NPRG042 Programming in Parallel Environment

Assignment 5

Duplicate citizens
Apache Spark
Assigned:	5.5.2025
Deadline:	18.5.2025 23:59 (CEST)
ReCodEx:	assignment
Results:	Homogeneous cluster (max 8 nodes)

speedup	points
2× or less	0
2× to 3.5×	1
3.5× to 5×	2
5× to 7×	3
7× or more	4
Speedup baseline runs 180 s

Finally, we do have support for Spark in ReCodEx! Please note, that the submission process have changed. Your solutions should be submitted to ReCodEx the same way as the other assignments.

The task is to count the number of people from a given population list with identical first and last names who live in the same region. The region can be identified by taking the highest ZIP-code number.

Use the spark instance in /home/_teaching/para/spark (DO NOT COPY this directory). That is a self-contained Spark with Hadoop, so you do not need to install anything else. It can be started using spark-slurm.sh sbatch script (to run the cluster under SLURM) or by local invocation (on one node) like:

$> srun -p mpi-homo-short --mem=50G -c 4 /home/_teaching/para/spark/bin/spark-submit --master local[*] \
   ./your-solution.py /home/_teaching/para/05-spark/data/debug/small.csv

(adjust the memory and number of cores for your task accordingly).

The data and the initial scripts are available in /home/_teaching/para/05-spark. There are multiple datasets that have several GiB, so please, do not copy them. The measurements will use the large.csv dataset only, other datasets in debug subdir are for debugging and additional experimentation. The path to the input data file is given as the only command line attribute to your solution.

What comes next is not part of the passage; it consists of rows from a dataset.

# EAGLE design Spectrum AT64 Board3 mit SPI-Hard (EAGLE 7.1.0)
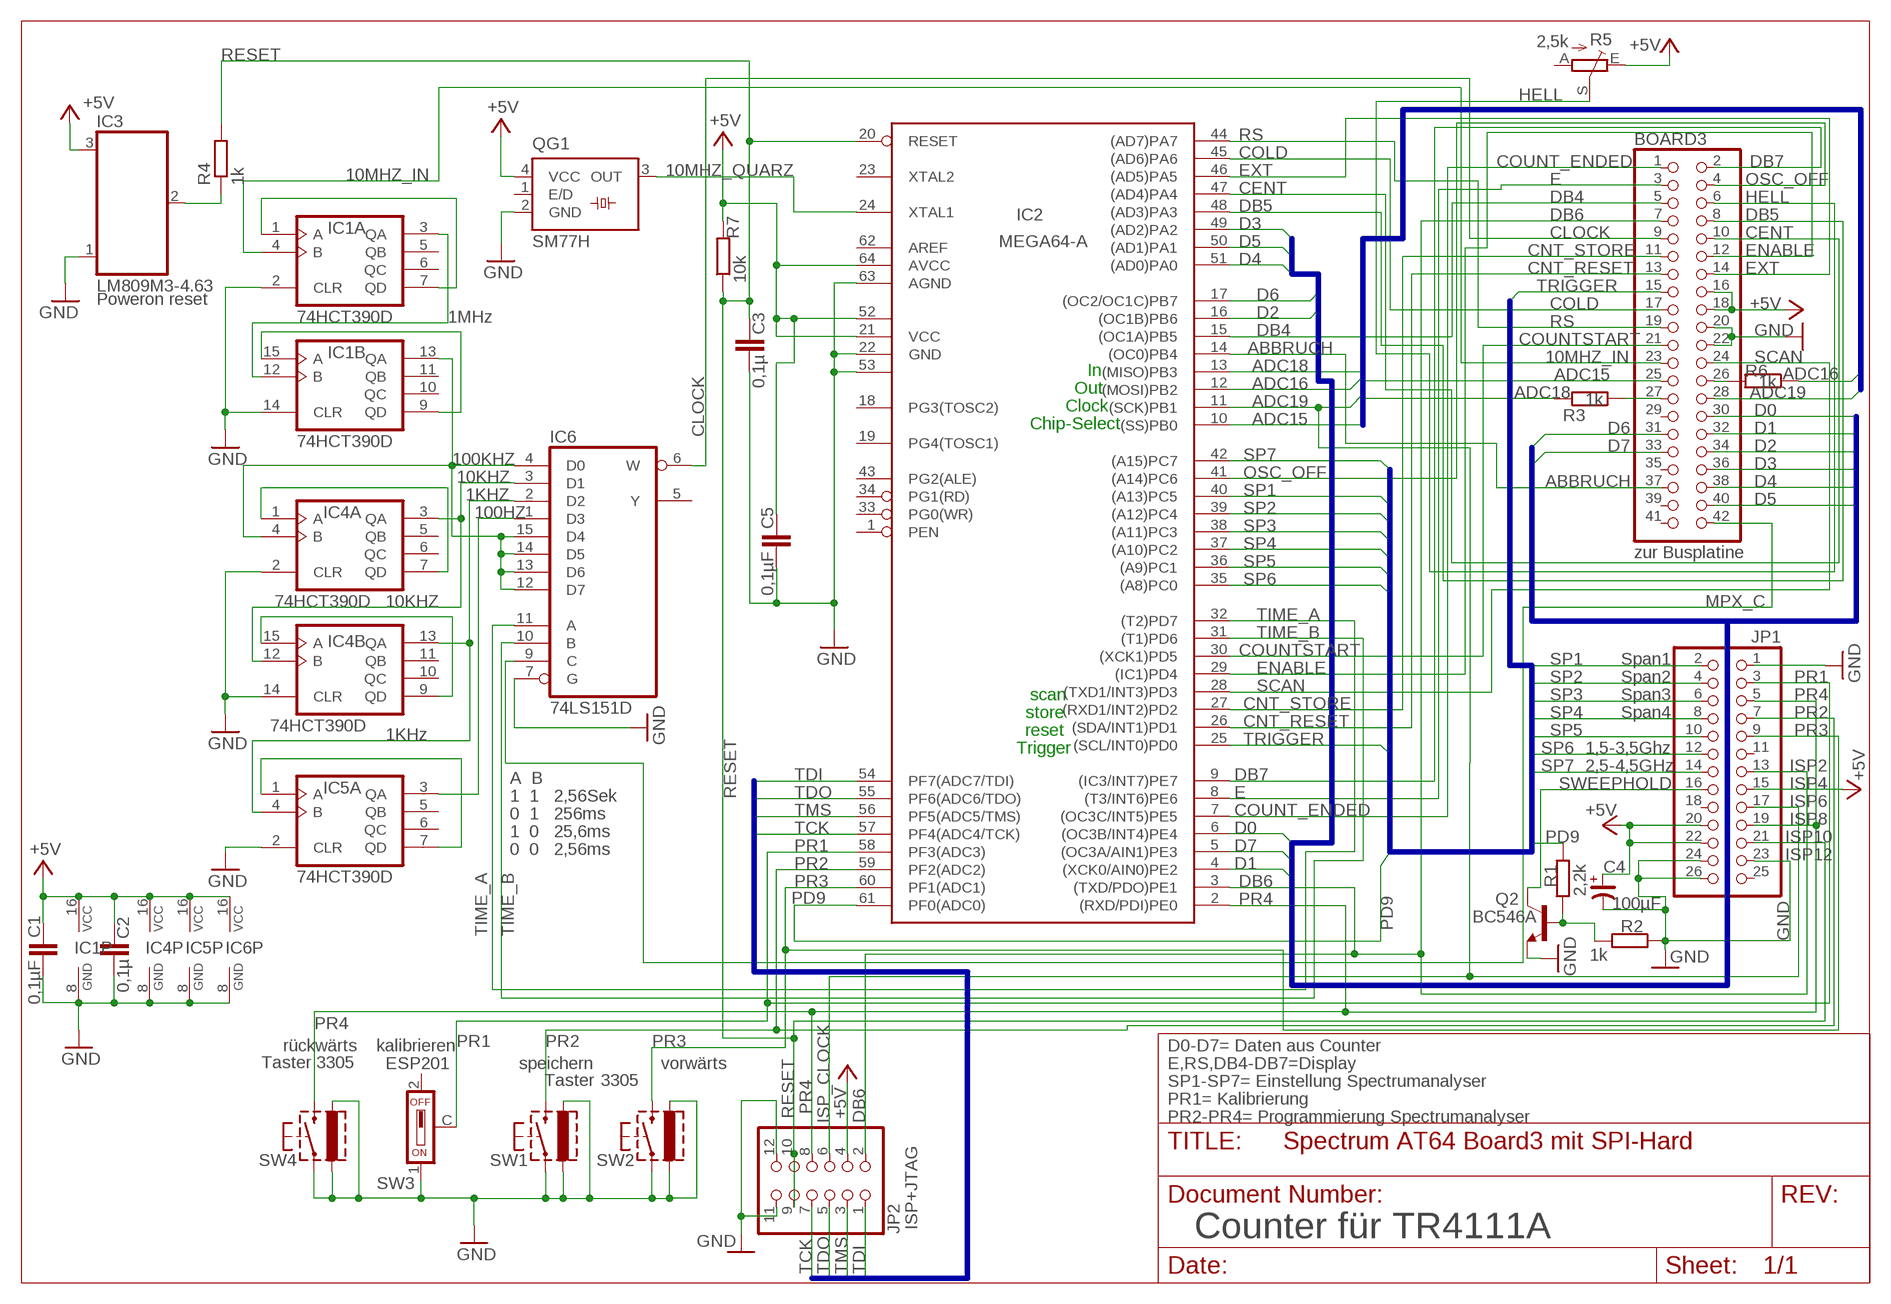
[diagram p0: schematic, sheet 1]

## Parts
BOARD3  zur Busplatine  PINHD-2X21_2.54-90°  [2X21/90]
C1  0,1µF  C-EUC0805  [C0805]
C2  0,1µ  C-EU025-025X050  [C025-025X050]
C3  0,1µ  C-EUC0805K  [C0805K]
C4  100µF  CP_SV-D  [CSV-D]
C5  0,1µF  C-EUC0805  [C0805]
IC1  74HCT390D  [SO16]
IC2  MEGA64-A  [TQFP64]
IC3  LM809M3-4.63  [SOT23]
IC4  74HCT390D  [SO16]
IC5  74HCT390D  [SO16]
IC6  74LS151D  74S151D  [SO16]
JP1  PINHD-2X13_2.54-90°  [2X13/90]
JP2  ISP+JTAG  PINHD-2X06_2.54-90°  [2X06/90]
Q2  BC546A  [TO92-EBC]
QG1  SM77H  [SM77H]
R1  2,2k  R-EU_R0805  [R0805]
R2  1k  R-EU_R0805  [R0805]
R3  1k  R-EU_R0805  [R0805]
R4  1k  R-EU_R0805  [R0805]
R5  2,5k  TRIM_EU-CA6H  [CA6H]
R6  1k  R-EU_R0805  [R0805]
R7  10k  WIDERSTAND_10  [207.10]
SW1  Taster  SW-PUSH-90  [SW-PUSH-90]
SW2  3305  SW-PUSH-90  [SW-PUSH-90]
SW3  ESP201  [ESP201]
SW4  Taster 3305  SW-PUSH-90  [SW-PUSH-90]

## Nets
1KHZ: IC4.13(B:QA) IC5.4(A:B) IC6.2(D2)
1MHZ: IC1.3(A:QA) IC1.12(B:B)
10KHZ: IC4.3(A:QA) IC4.12(B:B) IC6.3(D1)
10MHZ_IN: BOARD3.23 IC1.4(A:B)
10MHZ_QUARZ: IC2.24(XTAL1) QG1.3(OUT)
100HZ: IC5.3(A:QA) IC6.1(D3)
100KHZ: IC1.13(B:QA) IC4.4(A:B) IC6.4(D0) IC6.12(D7) IC6.13(D6) IC6.14(D5) IC6.15(D4)
+5V: BOARD3.16 BOARD3.18 C1.2 C2.1 C4.+ C5.2 IC1.16(P:VCC) IC2.21(VCC) IC2.52(VCC1) IC2.64(AVCC) IC3.3(VCC) IC4.16(P:VCC) IC5.16(P:VCC) IC6.16(VCC) JP1.15 JP1.20 JP1.22 JP2.4 QG1.4(VCC) R5.E R7.2
ABBRUCH: BOARD3.37 IC2.14((OC0)PB4)
ADC15: BOARD3.25 IC2.10((SS)PB0)
ADC16: IC2.12((MOSI)PB2) R6.1
ADC18: IC2.13((MISO)PB3) R3.2
ADC19: BOARD3.28 IC2.11((SCK)PB1) JP1.17 JP2.6
CENT: BOARD3.10 IC2.47((AD4)PA4)
CLOCK: BOARD3.9 IC6.6(W)
CNT_RESET: BOARD3.13 IC2.26((SDA/INT1)PD1)
CNT_STORE: BOARD3.11 IC2.27((RXD1/INT2)PD2)
COLD: BOARD3.17 IC2.45((AD6)PA6)
COUNT_ENDED: BOARD3.1 IC2.7((OC3C/INT5)PE5)
COUNTSTART: BOARD3.21 IC2.30((XCK1)PD5)
D0: BOARD3.30 IC2.6((OC3B/INT4)PE4)
D1: BOARD3.32 IC2.4((XCK0/AIN0)PE2)
D2: BOARD3.34 IC2.16((OC1B)PB6)
D3: BOARD3.36 IC2.49((AD2)PA2)
D4: BOARD3.38 IC2.51((AD0)PA0)
D5: BOARD3.40 IC2.50((AD1)PA1)
D6: BOARD3.31 IC2.17((OC2/OC1C)PB7)
D7: BOARD3.33 IC2.5((OC3A/AIN1)PE3)
DB4: BOARD3.5 IC2.15((OC1A)PB5)
DB5: BOARD3.8 IC2.48((AD3)PA3)
DB6: BOARD3.7 IC2.3((TXD/PDO)PE1) JP1.13 JP2.2
DB7: BOARD3.2 IC2.9((IC3/INT7)PE7)
E: BOARD3.3 IC2.8((T3/INT6)PE6)
ENABLE: BOARD3.12 IC2.29((IC1)PD4)
EXT: BOARD3.14 IC2.46((AD5)PA5)
GND: BOARD3.20 BOARD3.22 C1.1 C2.2 C3.2 C4.- C5.1 IC1.2(A:CLR) IC1.8(P:GND) IC1.14(B:CLR) IC2.22(GND) IC2.53(GND1) IC2.63(AGND) IC3.1(GND) IC4.2(A:CLR) IC4.8(P:GND) IC4.14(B:CLR) IC5.2(A:CLR) IC5.8(P:GND) IC6.7(G) IC6.8(GND) JP1.1 JP1.23 JP1.24 JP1.26 JP2.11 JP2.12 Q2.E QG1.2(GND) R2.1 SW1.1 SW1.3(G1) SW1.4(G2) SW2.1 SW2.3(G1) SW2.4(G2) SW3.1 SW4.1 SW4.3(G1) SW4.4(G2)
HELL: BOARD3.6 R5.S
MPX_C: BOARD3.42 IC6.9(C)
N$2: IC3.2(/RESET) R4.1
N$4: IC1.1(A:A) IC1.7(A:QD)
N$5: BOARD3.27 R3.1
N$6: Q2.B R1.1 R2.2
N$7: BOARD3.26 R6.2
N$11: IC1.9(B:QD) IC1.15(B:A)
N$15: IC5.1(A:A) IC5.7(A:QD)
N$17: IC4.1(A:A) IC4.7(A:QD)
N$18: IC4.9(B:QD) IC4.15(B:A)
OSC_OFF: BOARD3.4 IC2.41((A14)PC6)
PD9: IC2.61(PF0(ADC0)) R1.2
PR1: IC2.58(PF3(ADC3)) JP1.3 SW3.C
PR2: IC2.59(PF2(ADC2)) JP1.7 SW1.2(S1)
PR3: IC2.60(PF1(ADC1)) JP1.9 SW2.2(S1)
PR4: IC2.2((RXD/PDI)PE0) JP1.5 JP1.19 JP2.8 SW4.2(S1)
RESET: C3.1 IC2.20(RESET) JP1.21 JP2.9 JP2.10 R4.2 R7.1
RS: BOARD3.19 IC2.44((AD7)PA7)
SCAN: BOARD3.24 IC2.28((TXD1/INT3)PD3)
SP1: IC2.40((A13)PC5) JP1.2
SP2: IC2.39((A12)PC4) JP1.4
SP3: IC2.38((A11)PC3) JP1.6
SP4: IC2.37((A10)PC2) JP1.8
SP5: IC2.36((A9)PC1) JP1.10
SP6: IC2.35((A8)PC0) JP1.12
SP7: IC2.42((A15)PC7) JP1.14
SWEEPHOLD: JP1.16 Q2.C
TCK: IC2.57(PF4(ADC4/TCK)) JP2.7
TDI: IC2.54(PF7(ADC7/TDI)) JP2.1
TDO: IC2.55(PF6(ADC6/TDO)) JP2.5
TIME_A: IC2.32((T2)PD7) IC6.11(A)
TIME_B: IC2.31((T1)PD6) IC6.10(B)
TMS: IC2.56(PF5(ADC5/TMS)) JP2.3
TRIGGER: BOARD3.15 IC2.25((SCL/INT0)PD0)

The input file has 4 columns, the first two are the first and last name respectively, the last column is the area (ZIP) code.

Output

The result must be stored in the ./output.csv file in the current working directory. As the name suggests, the file is in CSV format without a header where the columns are separated by a comma (,) and lines are separated by a simple newline (LF). The first column is the region number (i.e. the highest number from the postcode). The second column is the number of collisions (duplicates found) in that region. The file must be sorted by the region number in ascending order.

Example

Let us have the following input file:

Jan,Novák,269235752,12345
Jakub,Yaghob,996583646,12345
Jan,Novák,786940673,28167
Vladan,Majerech,302273606,29876
Jan,Novák,217963156,13456
Jakub,Yaghob,778990574,12345
Jan,Novák,804096211,28002
Jan,Novák,252349303,15678

Upon closer inspection, there are 2 areas (ZIP groups) -- starting with 1 and 2. In the first area, there are 3 duplicates of Jan Novák and 2 duplicates of Jakub Yaghob (i.e., 5 people in total). In the second area, there are only two people named Jan Novák. So the output file should look like this (first column is the area number, the second is the number of duplicates):

1,5
2,2

Submission (CHANGED!)

Submit your solution to ReCodEx. You are expected to submit a single Python script (with the .py extension). For practical reasons, the ReCodEx uses only the tiny.csv input dataset to perform a smoke test of your solution. Furthermore, the environment in ReCodEx uses only spark-submit --master local[1] to evaluate the solutions, which works slightly differently than the spark-slurm.sh script. Most notably, it executes only a single worker.

You are expected to perform your own thorough testing using the large.csv dataset on the entire parlab cluster.

Final evaluation

Your solution will be tested using the spark-slurm.sh script with identical #SBATCH parameters (i.e., using 8 nodes, and 16 workers). We are using a slight modification of the script which saves the measured time in a file rather than printing it out, but that should not affect the measurements. You can easily test your solutions as

$> sbatch /home/_teaching/para/05-spark/spark-slurm.sh ./your-solution.py /home/_teaching/para/05-spark/data/large.csv

(use datasets in debug subdir for debugging and additional testing).

The baseline is a referential solution executed on a single node with single worker. Since the measured times have larger variance in this assignment, we did some evaluations and set the baseline time to 180s (as a rounded average of multiple runs after cutting off outliers).